=== What is required ===
Output all of the data below without changing a word, and exclude the pictures.

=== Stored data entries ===
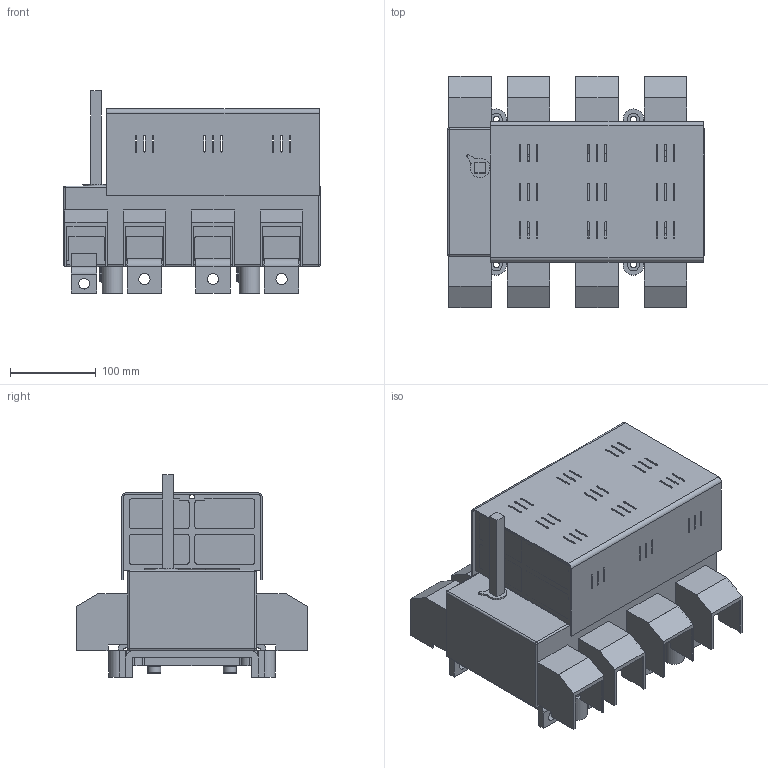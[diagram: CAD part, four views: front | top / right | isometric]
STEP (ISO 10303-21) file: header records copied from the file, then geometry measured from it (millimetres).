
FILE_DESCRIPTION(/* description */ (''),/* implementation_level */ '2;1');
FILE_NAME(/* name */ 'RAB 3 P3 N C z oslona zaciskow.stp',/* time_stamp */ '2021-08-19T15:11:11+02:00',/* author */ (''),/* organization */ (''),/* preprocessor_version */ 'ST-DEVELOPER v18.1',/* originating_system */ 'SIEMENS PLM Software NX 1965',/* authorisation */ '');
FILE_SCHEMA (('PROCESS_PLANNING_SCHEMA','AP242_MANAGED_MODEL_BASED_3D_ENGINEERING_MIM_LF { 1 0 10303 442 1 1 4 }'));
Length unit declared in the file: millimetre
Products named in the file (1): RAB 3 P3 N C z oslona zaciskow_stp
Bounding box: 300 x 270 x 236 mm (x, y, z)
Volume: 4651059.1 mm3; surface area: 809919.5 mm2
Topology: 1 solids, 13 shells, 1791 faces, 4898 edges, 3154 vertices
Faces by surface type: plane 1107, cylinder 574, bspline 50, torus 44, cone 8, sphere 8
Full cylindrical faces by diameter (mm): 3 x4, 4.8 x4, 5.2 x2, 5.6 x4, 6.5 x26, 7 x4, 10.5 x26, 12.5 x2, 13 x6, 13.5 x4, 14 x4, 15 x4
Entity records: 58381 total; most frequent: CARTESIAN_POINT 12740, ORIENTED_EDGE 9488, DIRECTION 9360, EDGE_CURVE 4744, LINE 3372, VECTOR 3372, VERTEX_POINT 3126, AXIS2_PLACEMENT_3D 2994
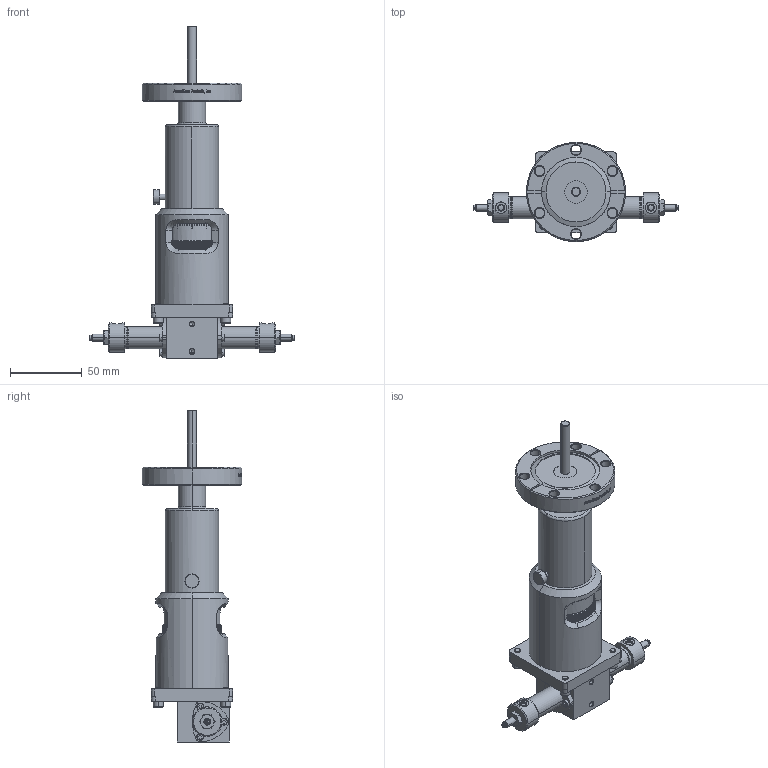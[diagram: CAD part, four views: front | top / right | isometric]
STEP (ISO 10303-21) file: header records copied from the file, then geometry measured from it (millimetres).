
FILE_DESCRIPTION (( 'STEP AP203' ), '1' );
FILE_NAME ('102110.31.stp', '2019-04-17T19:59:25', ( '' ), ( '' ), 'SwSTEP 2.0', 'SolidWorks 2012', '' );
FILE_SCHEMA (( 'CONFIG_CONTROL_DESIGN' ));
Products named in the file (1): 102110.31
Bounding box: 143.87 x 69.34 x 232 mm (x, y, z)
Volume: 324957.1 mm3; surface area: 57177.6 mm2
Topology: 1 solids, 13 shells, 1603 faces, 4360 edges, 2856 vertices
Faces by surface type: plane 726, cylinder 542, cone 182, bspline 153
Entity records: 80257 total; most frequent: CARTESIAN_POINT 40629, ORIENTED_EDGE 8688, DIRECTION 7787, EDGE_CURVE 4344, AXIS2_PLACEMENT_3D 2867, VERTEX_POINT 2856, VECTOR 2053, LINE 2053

=== Answer to this task ===
[diagram: CAD part, four views: front | top / right | isometric]
STEP (ISO 10303-21) file: header records copied from the file, then geometry measured from it (millimetres).
FILE_DESCRIPTION(/* description */ (''),/* implementation_level */ '2;1');
FILE_NAME(/* name */ 'RAB 3 P3 N C z oslona zaciskow.stp',/* time_stamp */ '2021-08-19T15:11:11+02:00',/* author */ (''),/* organization */ (''),/* preprocessor_version */ 'ST-DEVELOPER v18.1',/* originating_system */ 'SIEMENS PLM Software NX 1965',/* authorisation */ '');
FILE_SCHEMA (('PROCESS_PLANNING_SCHEMA','AP242_MANAGED_MODEL_BASED_3D_ENGINEERING_MIM_LF { 1 0 10303 442 1 1 4 }'));
Length unit declared in the file: millimetre
Products named in the file (1): RAB 3 P3 N C z oslona zaciskow_stp
Bounding box: 300 x 270 x 236 mm (x, y, z)
Volume: 4651059.1 mm3; surface area: 809919.5 mm2
Topology: 1 solids, 13 shells, 1791 faces, 4898 edges, 3154 vertices
Faces by surface type: plane 1107, cylinder 574, bspline 50, torus 44, cone 8, sphere 8
Full cylindrical faces by diameter (mm): 3 x4, 4.8 x4, 5.2 x2, 5.6 x4, 6.5 x26, 7 x4, 10.5 x26, 12.5 x2, 13 x6, 13.5 x4, 14 x4, 15 x4
Entity records: 58381 total; most frequent: CARTESIAN_POINT 12740, ORIENTED_EDGE 9488, DIRECTION 9360, EDGE_CURVE 4744, LINE 3372, VECTOR 3372, VERTEX_POINT 3126, AXIS2_PLACEMENT_3D 2994
[diagram: CAD part, four views: front | top / right | isometric]
STEP (ISO 10303-21) file: header records copied from the file, then geometry measured from it (millimetres).
FILE_DESCRIPTION (( 'STEP AP203' ), '1' );
FILE_NAME ('102110.31.stp', '2019-04-17T19:59:25', ( '' ), ( '' ), 'SwSTEP 2.0', 'SolidWorks 2012', '' );
FILE_SCHEMA (( 'CONFIG_CONTROL_DESIGN' ));
Products named in the file (1): 102110.31
Bounding box: 143.87 x 69.34 x 232 mm (x, y, z)
Volume: 324957.1 mm3; surface area: 57177.6 mm2
Topology: 1 solids, 13 shells, 1603 faces, 4360 edges, 2856 vertices
Faces by surface type: plane 726, cylinder 542, cone 182, bspline 153
Entity records: 80257 total; most frequent: CARTESIAN_POINT 40629, ORIENTED_EDGE 8688, DIRECTION 7787, EDGE_CURVE 4344, AXIS2_PLACEMENT_3D 2867, VERTEX_POINT 2856, VECTOR 2053, LINE 2053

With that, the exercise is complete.